Department of Urology, University of Health Sciences, Ümraniye Training and Research Hospital, İstanbul, Turkey.
Department of Urology, University of Health Sciences, Dr. Abdurrahman Yurtaslan Ankara Oncology Training and Research Hospital, Ankara, Turkey.
Ann Surg Oncol. 2024 Nov;31(12):8438-8443. doi: 10.1245/s10434-024-16104-z. Epub 2024 Aug 28.
This study aimed to evaluate perioperative complications and oncologic results for high-risk and oligometastatic prostate cancer patients.
The data of patients who underwent surgery for prostate cancer in the authors' clinic between January 2012 and March 2022 were analyzed retrospectively. According to D'amico classification, 28 patients with high-risk prostate cancer and 23 patients in the oligometastatic stage were included in the study. The patients were divided into two groups: group 1 (high-risk prostate cancers) and group 2 (oligometastatic cancer). Demographic characteristics, oncologic data, pathologic data, and complications of the patients were recorded.
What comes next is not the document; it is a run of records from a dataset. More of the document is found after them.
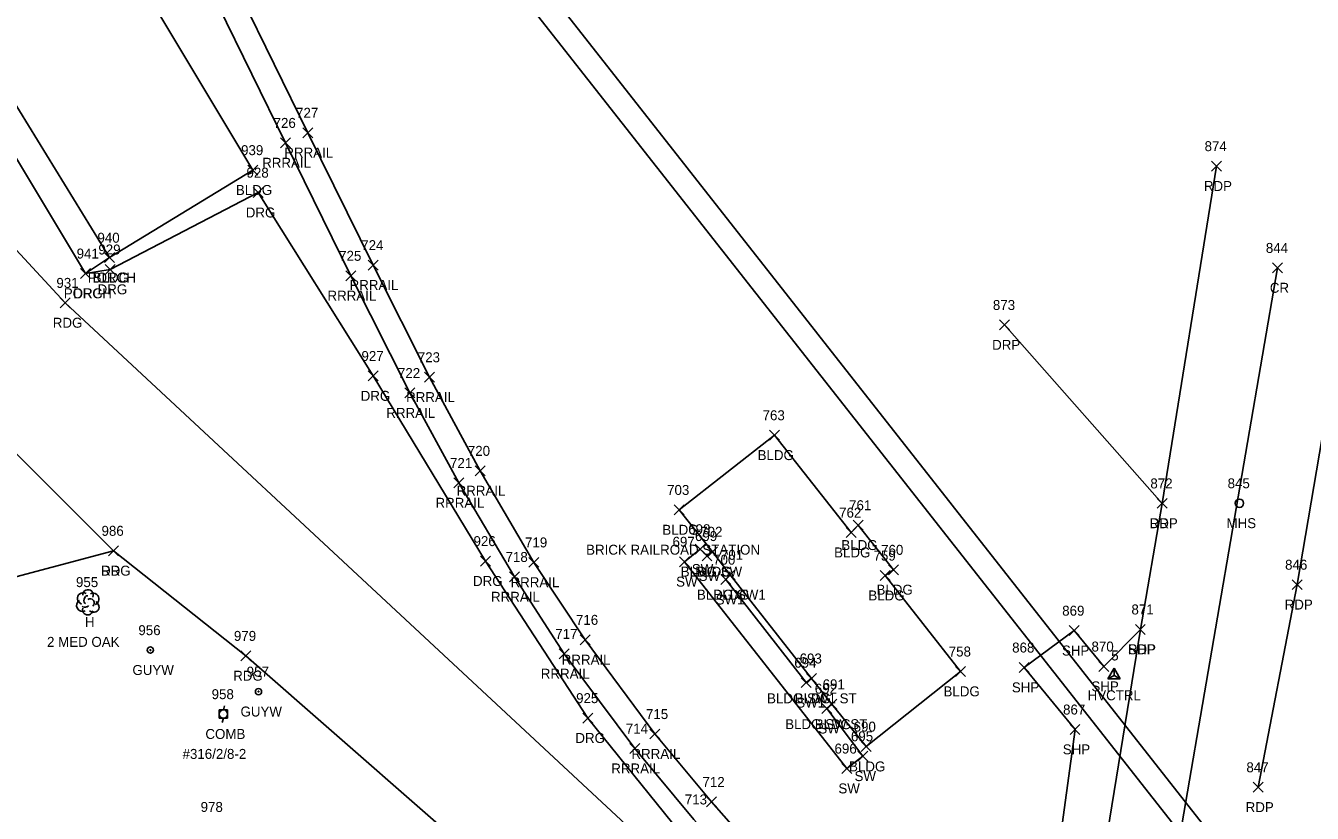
# Model space of a CAD drawing. Extents: x 1615599 to 1619911, y 273782 to 280437.
# Drawn here: x 1616311.5 to 1616569.8, y 279843.1 to 280001.3 of the extents above; entities that cross this region are included whole.
import ezdxf

# ---------------------------------------------------------------- set-up
doc = ezdxf.new("R2010")
doc.units = 0
for name, color, linetype in [('C_A', 7, 'Continuous'), ('C_I', 7, 'Continuous'), ('CPSM', 7, 'Continuous'), ('L_A', 7, 'Continuous'), ('L_C', 7, 'Continuous'), ('L_I', 7, 'Continuous'), ('L_TIC', 7, 'Continuous'), ('LBC', 7, 'Continuous'), ('LBF', 7, 'Continuous'), ('LTD', 7, 'Continuous'), ('P_A', 7, 'Continuous'), ('P_I', 7, 'Continuous'), ('P_TIC', 7, 'Continuous'), ('PET', 7, 'Continuous'), ('PEU', 7, 'Continuous'), ('PRC', 7, 'Continuous'), ('PSP', 7, 'Continuous'), ('R_A', 7, 'Continuous'), ('R_I', 7, 'Continuous'), ('R_TIC', 7, 'Continuous'), ('RDG', 7, 'Continuous'), ('RDP', 7, 'Continuous'), ('RR', 7, 'Continuous'), ('RSW', 7, 'Continuous'), ('U_A', 7, 'Continuous'), ('U_C', 7, 'Continuous'), ('U_I', 7, 'Continuous'), ('UP', 7, 'Continuous'), ('UPGW', 7, 'Continuous'), ('USMH', 7, 'Continuous')]:
    doc.layers.add(name, color=color, linetype=linetype)

msp = doc.modelspace()

# ---------------------------------------------------------------- linework, layer by layer
at = {"layer": 'CPSM'}
for p, q in [((1616528.77, 279870.08), (1616530.02, 279872.24)), ((1616531.27, 279870.08), (1616530.02, 279872.24)), ((1616530.03, 279870.8), (1616530.02, 279872.24)), ((1616528.77, 279870.08), (1616530.03, 279870.8)), ((1616528.77, 279870.08), (1616531.27, 279870.08)), ((1616530.03, 279870.8), (1616530.03, 279870.8)), ((1616530.03, 279870.8), (1616531.27, 279870.08))]:
    msp.add_line(p, q, dxfattribs=at)
at = {"layer": 'L_TIC'}
for points in [[(1616356.12, 279971.28), (1616358.12, 279973.28)], [(1616358.12, 279971.28), (1616356.12, 279973.28)], [(1616327.36, 279953.69), (1616329.36, 279955.69)], [(1616329.36, 279953.69), (1616327.36, 279955.69)], [(1616327.36, 279953.69), (1616329.36, 279955.69)], [(1616329.36, 279953.69), (1616327.36, 279955.69)], [(1616322.53, 279950.52), (1616324.53, 279952.52)], [(1616324.53, 279950.52), (1616322.53, 279952.52)], [(1616460.87, 279918.04), (1616462.87, 279920.04)], [(1616462.87, 279918.04), (1616460.87, 279920.04)], [(1616460.87, 279918.04), (1616462.87, 279920.04)], [(1616462.87, 279918.04), (1616460.87, 279920.04)], [(1616441.73, 279903.04), (1616443.73, 279905.04)], [(1616443.73, 279903.04), (1616441.73, 279905.04)], [(1616476.24, 279898.49), (1616478.24, 279900.49)], [(1616478.24, 279898.49), (1616476.24, 279900.49)], [(1616477.68, 279899.97), (1616479.68, 279901.97)], [(1616479.68, 279899.97), (1616477.68, 279901.97)], [(1616448.38, 279894.64), (1616450.38, 279896.64)], [(1616450.38, 279894.64), (1616448.38, 279896.64)], [(1616451.97, 279890.01), (1616453.97, 279892.01)], [(1616453.97, 279890.01), (1616451.97, 279892.01)], [(1616483.1, 279889.85), (1616485.1, 279891.85)], [(1616485.1, 279889.85), (1616483.1, 279891.85)], [(1616484.75, 279891.01), (1616486.75, 279893.01)], [(1616486.75, 279891.01), (1616484.75, 279893.01)], [(1616468.31, 279869.19), (1616470.31, 279871.19)], [(1616470.31, 279869.19), (1616468.31, 279871.19)], [(1616498.2, 279870.59), (1616500.2, 279872.59)], [(1616500.2, 279870.59), (1616498.2, 279872.59)], [(1616472.36, 279864), (1616474.36, 279866)], [(1616474.36, 279864), (1616472.36, 279866)], [(1616479.23, 279855.51), (1616481.23, 279857.51)], [(1616481.23, 279855.51), (1616479.23, 279857.51)], [(1616479.23, 279855.51), (1616481.23, 279857.51)], [(1616481.23, 279855.51), (1616479.23, 279857.51)]]:
    msp.add_lwpolyline(points, dxfattribs=at)
at = {"layer": 'LBC'}
for points in [[(1616260.86, 280142.43), (1616270.81, 280125.23), (1616271.71, 280125.76), (1616321.31, 280044.41), (1616318.76, 280042.81), (1616339.97, 280008.45), (1616336.65, 280006.38), (1616357.12, 279972.28), (1616328.36, 279954.69), (1616257.78, 280069.65), (1616226.23, 280122.19)], [(1616480.23, 279856.51), (1616473.36, 279865), (1616469.31, 279870.19), (1616452.97, 279891.01), (1616449.38, 279895.64), (1616442.73, 279904.04), (1616461.87, 279919.04)], [(1616480.23, 279856.51), (1616499.2, 279871.59), (1616484.1, 279890.85), (1616485.75, 279892.01), (1616478.68, 279900.97), (1616477.24, 279899.49), (1616461.87, 279919.04)]]:
    msp.add_lwpolyline(points, dxfattribs=at)
at = {"layer": 'LBF'}
msp.add_lwpolyline([(1616328.36, 279954.69), (1616323.53, 279951.52), (1616279.95, 280024.05), (1616274.42, 280020.51), (1616248.28, 280063.02), (1616257.78, 280069.65)], dxfattribs=at)
at = {"layer": 'LTD'}
msp.add_line((1616323.96, 279885.53), (1616323.96, 279885.53), dxfattribs=at)
msp.add_line((1616323.96, 279885.53), (1616323.96, 279885.53), dxfattribs=at)
msp.add_arc((1616324.01, 279886.96), 1.05, 335.5272, 180.9563, dxfattribs=at)
for centre, major_axis, ratio, start_param, end_param in [((1616323.17, 279886.19), (1.21, -0.51), 0.895232, 1.570796, 4.712389), ((1616323.75, 279885.98), (-0.208, -0.792), 0.645439, 3.141593, 6.283185), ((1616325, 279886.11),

The mean age of the patients was 67.84 years (range, 52-79 years). The average follow-up period was 45.48 months for group 1 and 46.36 months for group 2 (p = 0.84). The mean hemoglobin decrease was 1.53 g/dL in group 1 and 0.69 g/dL in group 2 (p = 0.046). Five patients (17.8%) in group 1 had biochemical recurrence at 14.55 months, whereas three patients (13%) in group 2 had biochemical recurrence at 9.87 months (p = 0.646). According to Clavien-Dindo classification, major complications developed in 7.2% of the group 1 patients and in 8.6% of the group 2 patients. Surgical margin positivity was detected in 6 group 1 patients (21.4%) and 12 group 2 patients (52.2%) (p = 0.023). During the follow-up period, four patients died. Only one of the patients died of cancer.
The authors think that oligometastatic and high-risk prostate cancer surgeries do not differ significantly in terms of complications.
本研究旨在评估高危和寡转移前列腺癌患者的围手术期并发症和肿瘤学结果。
回顾性分析 2012 年 1 月至 2022 年 3 月作者所在诊所行前列腺癌手术患者的资料。根据 D'amico 分类,28 例高危前列腺癌患者和 23 例寡转移期患者纳入本研究。将患者分为两组:第 1 组(高危前列腺癌)和第 2 组(寡转移癌)。记录患者的人口统计学特征、肿瘤学数据、病理数据和并发症。
患者的平均年龄为 67.84 岁(52-79 岁)。第 1 组的平均随访时间为 45.48 个月,第 2 组为 46.36 个月(p=0.84)。第 1 组血红蛋白平均下降 1.53 g/dL,第 2 组为 0.69 g/dL(p=0.046)。第 1 组 5 例(17.8%)患者在 14.55 个月时出现生化复发,第 2 组 3 例(13%)患者在 9.87 个月时出现生化复发(p=0.646)。根据 Clavien-Dindo 分级,第 1 组有 7.2%的患者出现严重并发症,第 2 组有 8.6%的患者出现严重并发症。第 1 组有 6 例(21.4%)患者切缘阳性,第 2 组有 12 例(52.2%)患者切缘阳性(p=0.023)。随访期间,有 4 例患者死亡。仅有 1 例患者死于癌症。
作者认为寡转移和高危前列腺癌手术在并发症方面无显著差异。